**DATA FOR THIS TASK**
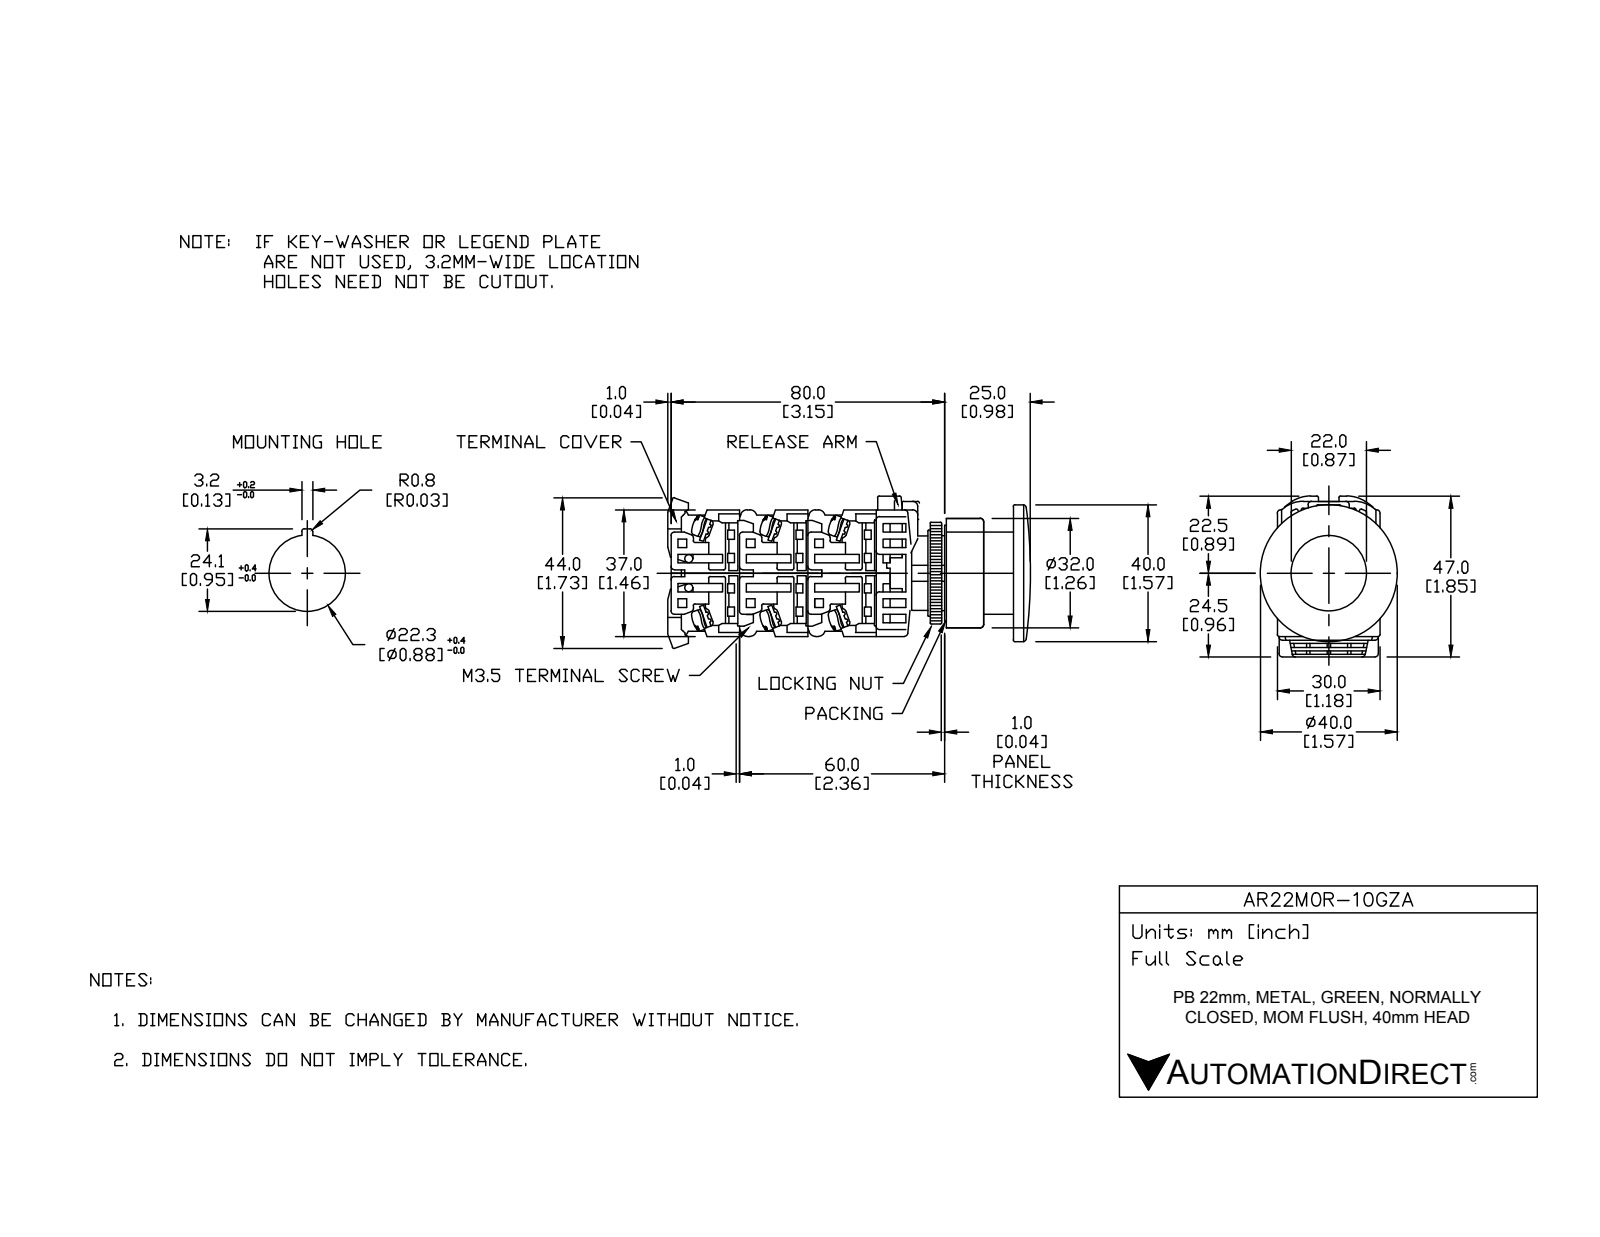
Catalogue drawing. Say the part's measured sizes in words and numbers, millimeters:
The part is named "AR22M0R-10GZA". Its 3-D file was written by "SolidWorks 2017 (AUTOMOTIVE_DESIGN)". It is 12 solids with 304 faces: 202 planar, 76 cylindrical and 26 other. Overall it measures 66.5 by 43 by 40 millimeters. Its volume is 37 326 cubic millimeters and its surface area 22 079 square millimeters. Round holes: 1 of diameter 21.8, 1 of diameter 22, 1 of diameter 25, 1 of diameter 31. Round bosses or shafts: 2 of diameter 5, 1 of diameter 40, 1 of diameter 32, 1 of diameter 30.5, 1 of diameter 29.8, 1 of diameter 24, 1 of diameter 23.8, 1 of diameter 21.75. Partial cylindrical surfaces (rounded edges, fillets, slot ends): 23 of radius 0.5, 4 of radius 1.75, 4 of radius 5, 2 of radius 4, 1 of radius 16.59, 1 of radius 17.59. The main face-to-face distances are 1, 10, 28.5, 18, 38.5, 21, 3, 2, 29, 7.5.
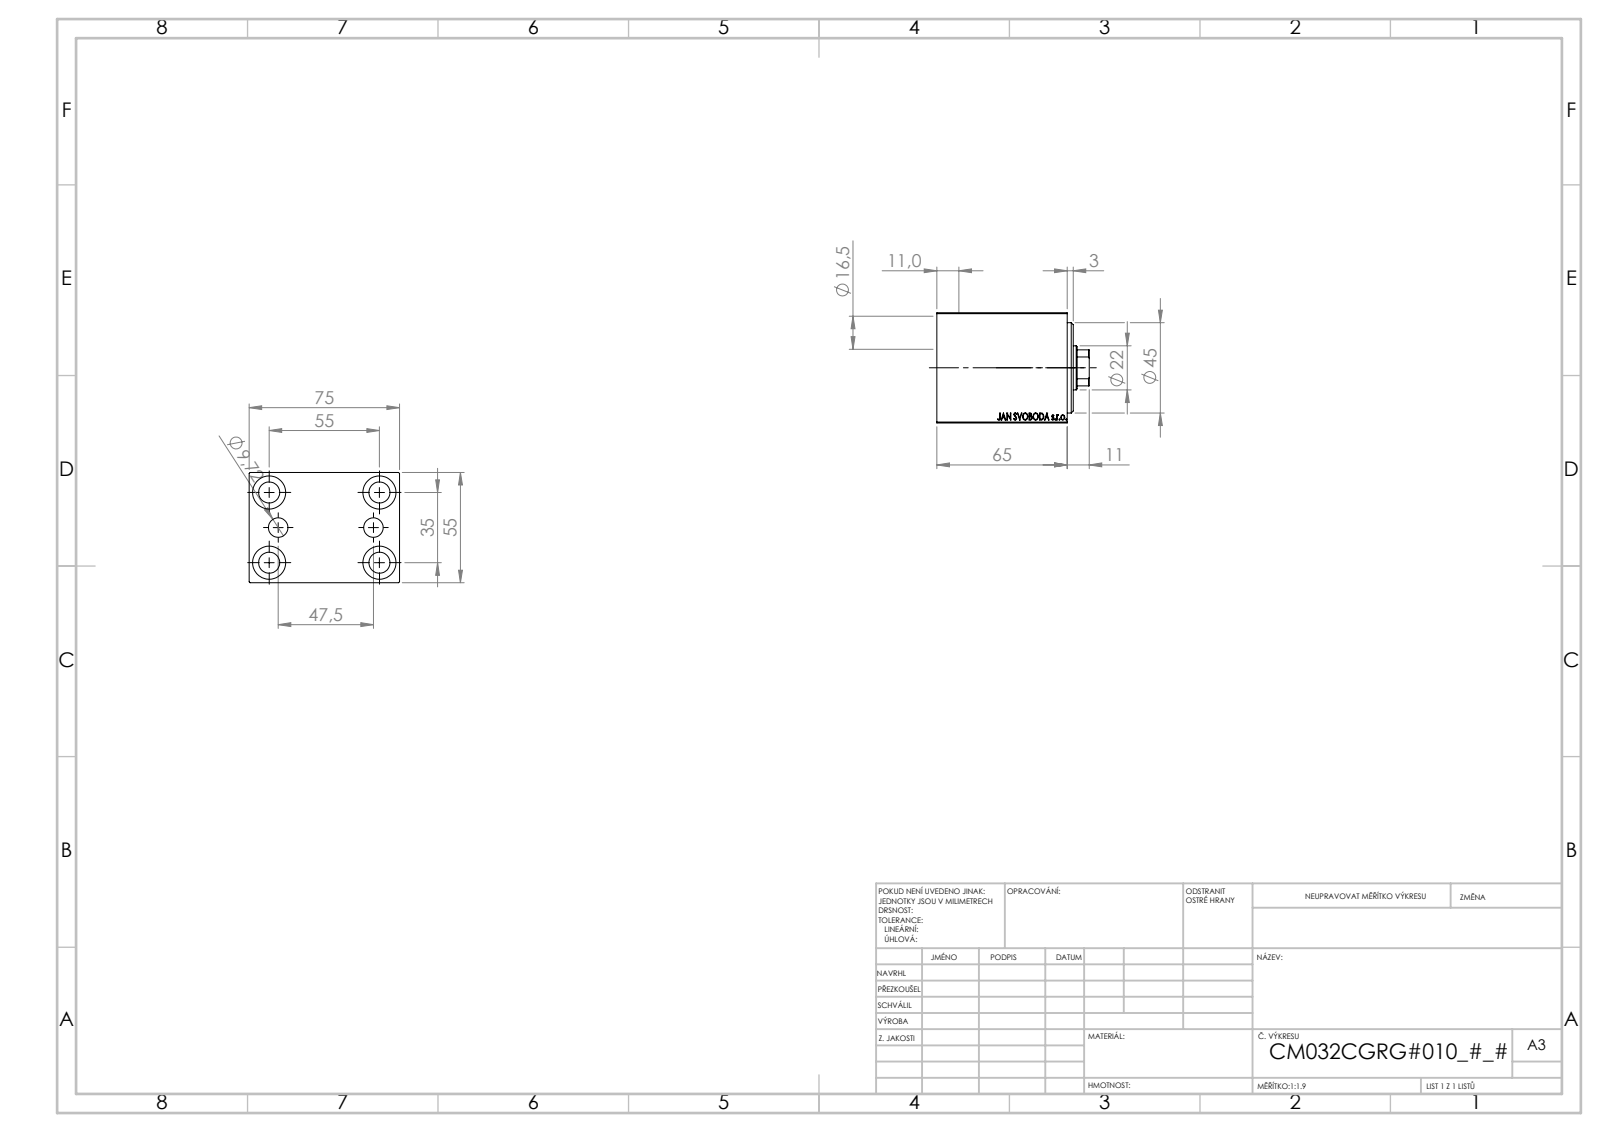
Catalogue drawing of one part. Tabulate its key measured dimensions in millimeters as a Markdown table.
| quantity | value |
| --- | --- |
| part name | V450CM_C_Body; V450CM_VC_B; V450CM_C_VCP |
| STEP written by | SolidWorks 2019 (CONFIG_CONTROL_DESIGN) |
| units | millimeters |
| bodies | 3 solids, 858 faces (408 planar, 56 cylindrical, 394 other) |
| overall size | 77 × 75 × 55 |
| volume | 233 193 mm³ |
| surface area | 50 806 mm² |
| round holes (diameter × count) | 10.5 × 5, 16.5 × 4, 4 × 2, 9.72 × 2, 22 × 1, 25.5 × 1, 32 × 1, 34 × 1, 45 × 1 |
| partial cylindrical surfaces (radius × count) | 10.5 × 1 |
| main face-to-face distances | 55, 75, 5, 31.25, 65, 33.75, 60, 28.75, 10, 11 |
| hole center spacings | 17.9, 32.6, 54.16, 23.75, 35, 55, 65.19, 47.5 |

**REQUIREMENT**
Print the material above exactly as it appears, but not its pictures.

**SOLUTION FOR THIS PROBLEM**
Catalogue drawing. Say the part's measured sizes in words and numbers, millimeters:
The part is named "AR22M0R-10GZA". Its 3-D file was written by "SolidWorks 2017 (AUTOMOTIVE_DESIGN)". It is 12 solids with 304 faces: 202 planar, 76 cylindrical and 26 other. Overall it measures 66.5 by 43 by 40 millimeters. Its volume is 37 326 cubic millimeters and its surface area 22 079 square millimeters. Round holes: 1 of diameter 21.8, 1 of diameter 22, 1 of diameter 25, 1 of diameter 31. Round bosses or shafts: 2 of diameter 5, 1 of diameter 40, 1 of diameter 32, 1 of diameter 30.5, 1 of diameter 29.8, 1 of diameter 24, 1 of diameter 23.8, 1 of diameter 21.75. Partial cylindrical surfaces (rounded edges, fillets, slot ends): 23 of radius 0.5, 4 of radius 1.75, 4 of radius 5, 2 of radius 4, 1 of radius 16.59, 1 of radius 17.59. The main face-to-face distances are 1, 10, 28.5, 18, 38.5, 21, 3, 2, 29, 7.5.
Catalogue drawing of one part. Tabulate its key measured dimensions in millimeters as a Markdown table.
| quantity | value |
| --- | --- |
| part name | V450CM_C_Body; V450CM_VC_B; V450CM_C_VCP |
| STEP written by | SolidWorks 2019 (CONFIG_CONTROL_DESIGN) |
| units | millimeters |
| bodies | 3 solids, 858 faces (408 planar, 56 cylindrical, 394 other) |
| overall size | 77 × 75 × 55 |
| volume | 233 193 mm³ |
| surface area | 50 806 mm² |
| round holes (diameter × count) | 10.5 × 5, 16.5 × 4, 4 × 2, 9.72 × 2, 22 × 1, 25.5 × 1, 32 × 1, 34 × 1, 45 × 1 |
| partial cylindrical surfaces (radius × count) | 10.5 × 1 |
| main face-to-face distances | 55, 75, 5, 31.25, 65, 33.75, 60, 28.75, 10, 11 |
| hole center spacings | 17.9, 32.6, 54.16, 23.75, 35, 55, 65.19, 47.5 |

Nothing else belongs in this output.